Associação cabo-verdiana com futuro incerto receia que falte proteção para tartarugas
O presidente da associação ambiental cabo-verdiana Careta-Careta disse hoje à Lusa que aquela organização tem um futuro incerto e que as tartarugas que nidificam na ilha de Santiago, sob a sua vigilância, poderão “morrer descontroladamente”.
“O financiamento que temos este ano não vai chegar para fazermos este trabalho até ao fim” e, ao ritmo atual, “pode comprometer a preservação” da espécie.
“Se não fizermos o trabalho de preservação, as tartarugas vão morrer descontroladamente”, afirmou João Lomba.
A associação ambiental Careta-Careta (nome de uma espécie de tartaruga que nidifica em Cabo Verde) trabalha há 12 anos para proteger as tartarugas marinhas, tendo como base a parte sul da praia de Areia Grande, junto à localidade de Achada Igreja, 40 quilómetros a norte da cidade da Praia.
Este ano, os seus elementos têm vigiado 160 ninhos de tartaruga.
Outras três ilhas – Sal, Boa Vista e Maio – acolhem muitos mais, representando 95% da nidificação nesta altura do ano (junho a novembro), enquanro Santiago e o resto das ilhas significam 5%.
No que toca à ilha de Santiago – a maior de Cabo Verde -, a Careta-Careta é uma das entidades mais influentes nesta área de intervenção.
A monitorização é feita de dia e de noite nas praias de Areia Grande, Praia Baixo, Mangue, Porto Lancha e Achada Baleia.
“Em todas estas cinco praias temos no mínimo 160 ninhos. Areia Grande e Achada Baleia são zonas com maior número”, descreve.
Os membros da associação ajudam também a evitar a captura ilegal de tartarugas, usadas pelos residentes para venda e alimentação.
“Em Achada Baleia já tivemos duas capturas e se houver chuvas e não tivermos condições de ir, ou se demorarmos a chegar, eles capturam”, acrescentou João Lomba.
“Esta zona é crítica. Encontramos sempre caçadores”, apontou.
A vigilância começou em junho, período das desovas, mas tem sido “muito desafiante” manter voluntários a patrulhar a zona.
Apesar de terem um financiador estrangeiro há três anos, amigo da associação, a par da Escola Portuguesa de Cabo Verde, que este ano os começou a apoiar, o dinheiro não é suficiente para “dar conta do recado”.
“Areia Grande é uma zona que fica mais próxima”, mas a deslocação para as outras praias tem custos.

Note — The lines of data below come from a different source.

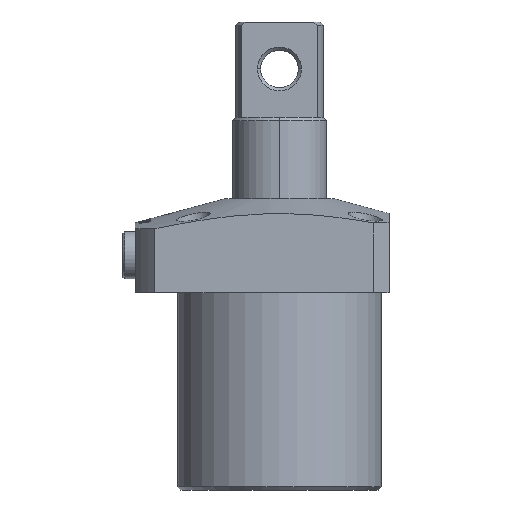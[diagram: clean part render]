
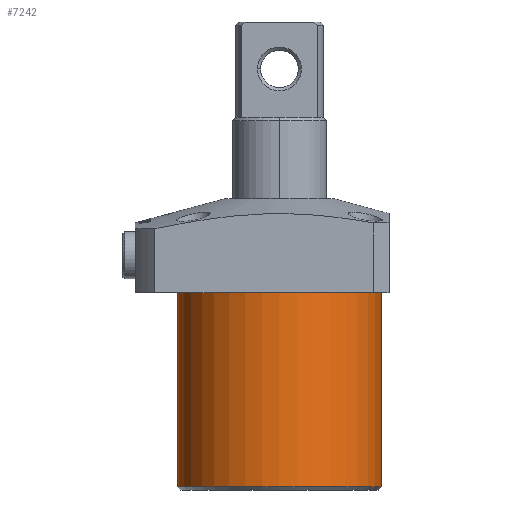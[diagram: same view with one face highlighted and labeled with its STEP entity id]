
A CAD part, front view. The second image highlights one B-rep face of the part: STEP entity #7242.
In plain terms, the highlighted cylindrical face has radius 32.5 mm (diameter 65 mm), a partial arc.
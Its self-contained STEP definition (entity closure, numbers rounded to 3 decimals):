
#23 = LINE ( 'NONE', #12316, #15112 ) ;
#277 = EDGE_CURVE ( 'NONE', #13778, #3372, #8787, .T. ) ;
#390 = CIRCLE ( 'NONE', #8997, 32.5 ) ;
#443 = CARTESIAN_POINT ( 'NONE',  ( -32.5, 0., 0. ) ) ;
#509 = EDGE_LOOP ( 'NONE', ( #13183, #7874, #816, #10412 ) ) ;
#786 = CARTESIAN_POINT ( 'NONE',  ( 32.5, 0., -63. ) ) ;
#816 = ORIENTED_EDGE ( 'NONE', *, *, #2453, .T. ) ;
#1271 = CARTESIAN_POINT ( 'NONE',  ( 32.5, 0., -62. ) ) ;
#2317 = DIRECTION ( 'NONE',  ( 0., 0., 1. ) ) ;
#2453 = EDGE_CURVE ( 'NONE', #3372, #9489, #3707, .T. ) ;
#2617 = DIRECTION ( 'NONE',  ( 0., 0., -1. ) ) ;
#3372 = VERTEX_POINT ( 'NONE', #1271 ) ;
#3707 = LINE ( 'NONE', #786, #6897 ) ;
#5181 = DIRECTION ( 'NONE',  ( 1., 0., 0. ) ) ;
#5218 = DIRECTION ( 'NONE',  ( 0., 0., 1. ) ) ;
#5859 = CYLINDRICAL_SURFACE ( 'NONE', #7038, 32.5 ) ;
#6891 = CARTESIAN_POINT ( 'NONE',  ( 0., 0., -62. ) ) ;
#6897 = VECTOR ( 'NONE', #9148, 1000. ) ;
#7038 = AXIS2_PLACEMENT_3D ( 'NONE', #8676, #14666, #5181 ) ;
#7242 = ADVANCED_FACE ( 'NONE', ( #15299 ), #5859, .T. ) ;
#7763 = EDGE_CURVE ( 'NONE', #13778, #10834, #23, .T. ) ;
#7874 = ORIENTED_EDGE ( 'NONE', *, *, #277, .T. ) ;
#8280 = AXIS2_PLACEMENT_3D ( 'NONE', #6891, #2317, #8289 ) ;
#8289 = DIRECTION ( 'NONE',  ( -1., 0., 0. ) ) ;
#8676 = CARTESIAN_POINT ( 'NONE',  ( 0., 0., -63. ) ) ;
#8787 = CIRCLE ( 'NONE', #8280, 32.5 ) ;
#8997 = AXIS2_PLACEMENT_3D ( 'NONE', #9783, #2617, #10954 ) ;
#9148 = DIRECTION ( 'NONE',  ( 0., 0., 1. ) ) ;
#9489 = VERTEX_POINT ( 'NONE', #10846 ) ;
#9783 = CARTESIAN_POINT ( 'NONE',  ( 0., 0., 0. ) ) ;
#10412 = ORIENTED_EDGE ( 'NONE', *, *, #11290, .T. ) ;
#10834 = VERTEX_POINT ( 'NONE', #443 ) ;
#10846 = CARTESIAN_POINT ( 'NONE',  ( 32.5, 0., 0. ) ) ;
#10954 = DIRECTION ( 'NONE',  ( -1., 0., 0. ) ) ;
#11290 = EDGE_CURVE ( 'NONE', #9489, #10834, #390, .T. ) ;
#12316 = CARTESIAN_POINT ( 'NONE',  ( -32.5, 0., -63. ) ) ;
#12878 = CARTESIAN_POINT ( 'NONE',  ( -32.5, 0., -62. ) ) ;
#13183 = ORIENTED_EDGE ( 'NONE', *, *, #7763, .F. ) ;
#13778 = VERTEX_POINT ( 'NONE', #12878 ) ;
#14666 = DIRECTION ( 'NONE',  ( 0., 0., 1. ) ) ;
#15112 = VECTOR ( 'NONE', #5218, 1000. ) ;
#15299 = FACE_OUTER_BOUND ( 'NONE', #509, .T. ) ;
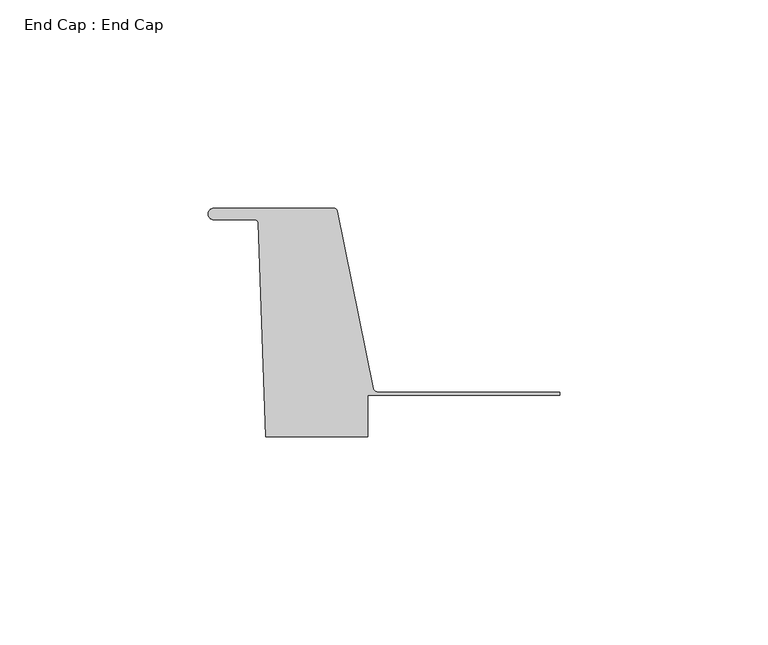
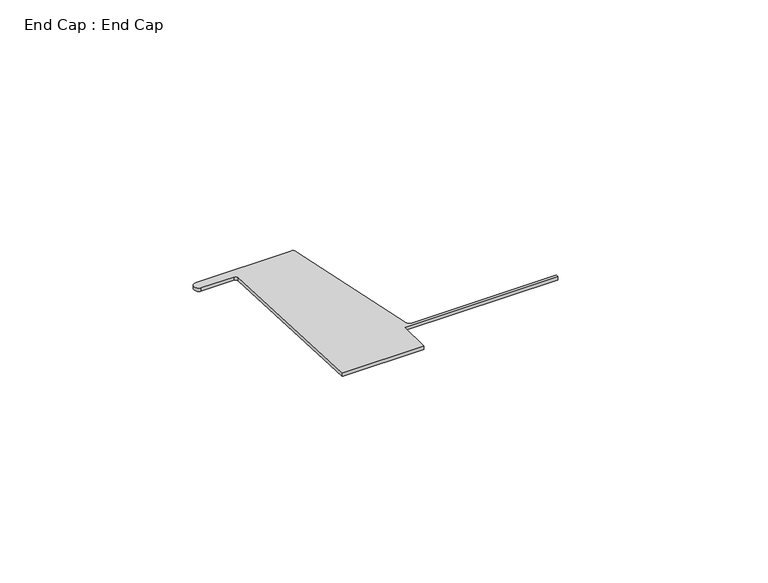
"""IFC4 building model written with IfcOpenShell, lengths in millimetres: proxy geometry, End Cap : End Cap."""

from ifc_helpers import new_model, si_unit, point, frame_2d, origin, origin_with_axes, place, context, project, spatial, polyline, circle_curve, trimmed, segment, composite_curve, outline, extrude, source, transform, mapped, element, save


def end_cap_end_cap_e757bbac(model_context):
    return source(origin(), model_context, "Body", "SweptSolid", [
        extrude(outline(composite_curve([segment(polyline([(70.6839118, 10.6756594), (70.6839118, 9.8756594), (24.520194, 9.8756594), (24.520194, 0.0), (0.0, 0.0), (-1.7915605, 51.303579)]), True, "CONTINUOUS"), segment(trimmed(circle_curve(frame_2d((-2.5910731, 51.2756594)), 0.8), [point((-1.7915605, 51.303579))], [point((-2.5910731, 52.0756594))], True, "CARTESIAN"), True, "CONTINUOUS"), segment(polyline([(-2.5910731, 52.0756594), (-12.4444064, 52.0756594)]), True, "CONTINUOUS"), segment(trimmed(circle_curve(frame_2d((-12.4444064, 53.4756594)), 1.4), [point((-12.4444064, 52.0756594))], [point((-12.4444064, 54.8756594))], False, "CARTESIAN"), True, "CONTINUOUS"), segment(polyline([(-12.4444064, 54.8756594), (16.2733518, 54.8756594)]), True, "CONTINUOUS"), segment(trimmed(circle_curve(frame_2d((16.2733518, 53.9135377)), 0.9621217), [point((16.2733518, 54.8756594))], [point((17.2161586, 54.1053539))], False, "CARTESIAN"), True, "CONTINUOUS"), segment(polyline([(17.2161586, 54.1053539), (25.9007386, 11.4192797)]), True, "CONTINUOUS"), segment(trimmed(circle_curve(frame_2d((26.8108844, 11.604451)), 0.9287916), [point((25.9007386, 11.4192797))], [point((26.8108844, 10.6756594))], True, "CARTESIAN"), True, "CONTINUOUS"), segment(polyline([(26.8108844, 10.6756594), (70.6839118, 10.6756594)]), True, "CONTINUOUS")], self_intersect=False)), origin_with_axes(), (0.0, 0.0, 1.0), 1.0493669),
    ])


if __name__ == "__main__":
    model = new_model("IFC4")
    model_context = context("Model", 3, world=origin())
    ifc_project = project(units=[si_unit("LENGTHUNIT", "METRE", prefix="MILLI")], contexts=[model_context])
    site = spatial("IfcSite", under=ifc_project)
    building = spatial("IfcBuilding", under=site)
    placement = place(None, origin())
    end_cap_end_cap_shape = end_cap_end_cap_e757bbac(model_context)
    element("IfcBuildingElementProxy", 1, Name="End Cap : End Cap", ObjectType="End Cap : End Cap", at=placement, inside=building, context=model_context, shape_type="MappedRepresentation", body=[
        mapped(end_cap_end_cap_shape, transform((0.0, 0.0, 0.0), x_axis=(1.0, 0.0, 0.0), y_axis=(0.0, 1.0, 0.0), z_axis=(0.0, 0.0, 1.0))),
    ])
    save(model, "model.ifc")
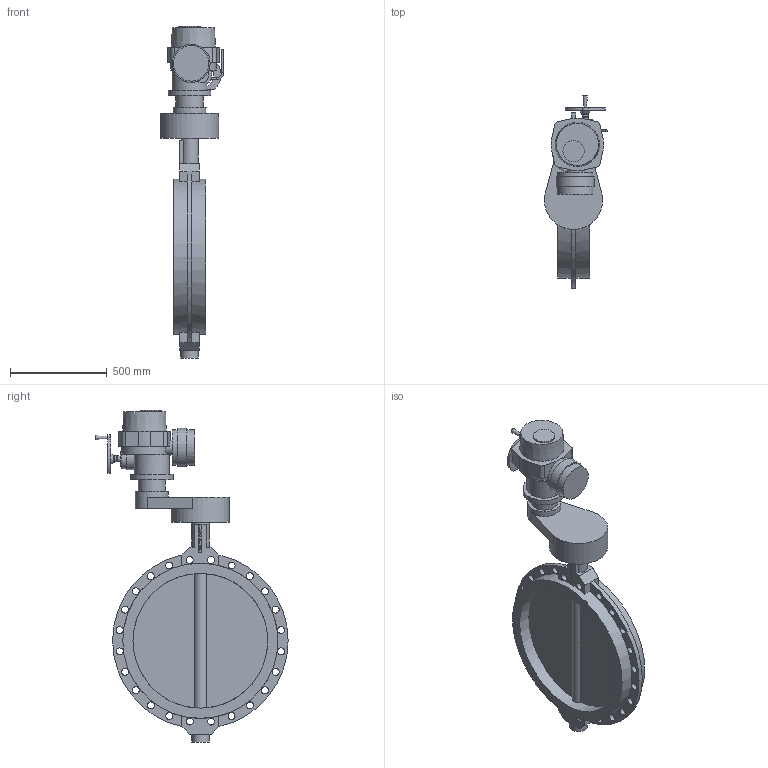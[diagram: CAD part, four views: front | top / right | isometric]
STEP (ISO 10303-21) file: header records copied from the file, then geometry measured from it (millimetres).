
FILE_DESCRIPTION(('STEP AP203'), '1');
FILE_NAME('Çàòâîð 017W.Z(÷óãóí) DN700+ÝÏ QT.A500', '', ('UNSPECIFIED'), ('UNSPECIFIED'), 'ASCON STEP Converter 1.6', 'ASCON Math Kernel', '');
FILE_SCHEMA(('CONFIG_CONTROL_DESIGN'));
Length unit declared in the file: millimetre
Bounding box: 324.45 x 991.5 x 1712 mm (x, y, z)
Volume: 70763138.3 mm3; surface area: 3173161.8 mm2
Topology: 1 solids, 1 shells, 752 faces, 2074 edges, 1378 vertices
Faces by surface type: cylinder 522, plane 226, cone 3, torus 1
Full cylindrical faces by diameter (mm): 10 x2, 14 x8, 16 x1, 18 x8, 32 x2, 35 x1, 36 x24, 80 x2, 90 x2, 100 x1, 110 x1, 140 x1, 170 x1, 180 x1, 183 x2, 196 x1, 220 x1, 300 x1, 695 x2, 800 x2
Entity records: 31114 total; most frequent: CARTESIAN_POINT 4990, DIRECTION 4565, ORIENTED_EDGE 4012, EDGE_CURVE 2006, AXIS2_PLACEMENT_3D 1822, VERTEX_POINT 1378, CIRCLE 1069, EDGE_LOOP 928

João Lomba questionou: se as tartarugas e outras espécies são protegidas, porque é que os voluntários não o são também – até porque alguns residentes os veem com animosidade, ao travar a captura ilegal.
“A nossa preocupação é ver essas tartarugas morrer nos próximos anos ou até mesmo no fim desta temporada. Não há um plano do Governo para travar este problema e nós continuamos este trabalho, até onde pudermos. Mas é uma tristeza”, insistiu.
A emigração e a deslocação para outras ilhas também têm feito diminuir o número de voluntários.
“Neste momento temos 35 voluntários, mas têm diminuído. Quando saírem, fica difícil encontrar outros, porque temos que dar treino”, realçou João Lomba.
Os cães vadios também têm sido uma preocupação porque atacam os ninhos, mesmo depois de a associação ter investido numa vedação para proteger as tartarugas.
Outros cães têm dono, mas são pouco alimentados e procuram os ninhos.
Cabo Verde introduziu legislação para proteger as tartarugas marinhas pela primeira vez em 1987, proibindo a sua captura em épocas de desova, e desde 2018 prevê outros tipos de crime, nomeadamente o abate intencional, bem como a aquisição, a comercialização, o transporte ou desembarque, a exportação e o consumo.
A população de tartarugas marinhas ‘Caretta caretta’ de Cabo Verde é a terceira maior do mundo, sendo apenas ultrapassada pelas populações na Florida (Estados Unidos) e em Omã (Golfo Pérsico).